Delfina Rizal Herbosa de Natividad (December 20, 1879 – March 10, 1900) was a Filipino renowned for being one of the three women, together with Marcela Agoncillo and her daughter Lorenza, who seamed together the Philippine flag, and for being the niece of the National Hero of the Philippines, José Rizal.

==Early life==
Delfina Rizal Herbosa was born on December 20, 1879, in Calamba, Laguna to Mariano Herbosa and Lucia Rizal, sister of José Rizal, and she was of Spanish and Chinese descent. At the age of thirteen, she joined the Katipunan because her desire to fight oppression after her father was denied a Christian burial by the Spanish friars because of the claim that he did not go to confession, although the apparent reason is that they were related to José Rizal, whose novel Noli me Tangere exposed the abuses of the Spaniards.

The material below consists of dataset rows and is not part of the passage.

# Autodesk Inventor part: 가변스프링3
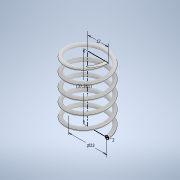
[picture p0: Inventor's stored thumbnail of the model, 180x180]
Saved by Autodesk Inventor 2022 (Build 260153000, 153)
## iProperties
Created: 2021-07
Part Number: 가변스프링3
Material: 일반
Document SubType Name: Modeling
Designer: micke
Density: 1 g/cm^3
Appearance: 기본값
Author: micke
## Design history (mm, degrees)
sketch "스케치1"
  geometry: L1 (0, 0)-(0, 37.261); L2 (0, 37.261)-(12, 37.261); L3 (0, 0)-(11, 0); C1 r 1 at (11, 0)
  constraints: 6 end point, 2 horizontal, 1 centre point, 1 coincident, 1 vertical
  dimensions: "d0" = 37.2612 distance of L1.start L1.end (derived); "d1" = 2 diameter of C1; "d2" = 22 diameter of L3.end L1; "d3" = 12 distance of L1.end L2.end
feature "코일1" sketch "스케치1" pitch "d4" = 10; turns "d6" = 5; dims "d5" = 37.2612 (= d0), "d7" = 0, angle "d8" = 90 deg, angle "d9" = 90 deg, "d10" = 0, "d11" = 0
sketch "스케치2"
  geometry: L1 (37.261, 12.5)-(0, 12.5); L2 (0, 12.5)-(0, -12.5); L3 (0, -12.5)-(37.261, -12.5); L4 (37.261, -12.5)-(37.261, 12.5); 2 further points
  constraints: 8 end point, 2 parallel, 1 coincident, 1 horizontal, 1 midpoint, 1 perpendicular
  dimensions: "d12" = 37.2612 distance of L1.start L1.end (= d0); "d13" = 25 distance of L3.end L1.start
extrude "돌출1" sketch "스케치2" extent not by distance; stored distance "d14" = 0; taper "d15" = 0 deg
node "솔리드1"
feature "A9D066F2-1C7D-4E18-AEED-F7BC21143FA4" dims "d4" = 10, "d5" = 37.2612 (= d0), "d6" = 50, "d7" = 0, "d8" = 90 deg, "d9" = 90 deg, "d10" = 0, "d11" = 0
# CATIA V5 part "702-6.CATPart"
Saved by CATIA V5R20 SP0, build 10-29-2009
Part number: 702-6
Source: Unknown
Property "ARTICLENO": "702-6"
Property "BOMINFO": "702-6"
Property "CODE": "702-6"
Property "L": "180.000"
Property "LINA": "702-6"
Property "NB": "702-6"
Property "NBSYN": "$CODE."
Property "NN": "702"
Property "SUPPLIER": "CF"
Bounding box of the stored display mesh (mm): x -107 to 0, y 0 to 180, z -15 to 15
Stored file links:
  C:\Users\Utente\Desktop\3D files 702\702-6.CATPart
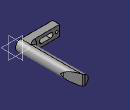
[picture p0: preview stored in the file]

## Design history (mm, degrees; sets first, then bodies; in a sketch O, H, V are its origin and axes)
Body1 "Geometry.1" (main body)
  Solid1 "702-6.catpart": solid without history

==Marriage and making of the Philippine flag==
Delfina was married to Jose Salvador Alejandrino Natividad, whom she met in the Katipunan, and who later became a general of the Philippine Revolution. She then accompanied her husband to his self-exile to Hong Kong where there she was asked by Marcela Agoncillo to help her and her daughter sew together the Philippine flag.

==Death==
Natividad and her husband had a daughter together named Paz, who died at the age of two due to an alcohol lamp falling on her, this caused Natividad much sorrow and mental anguish, thus causing her death at the age of 20.

==In popular culture==
- Portrayed by Jenny Javier in the 2012 film, El Presidente.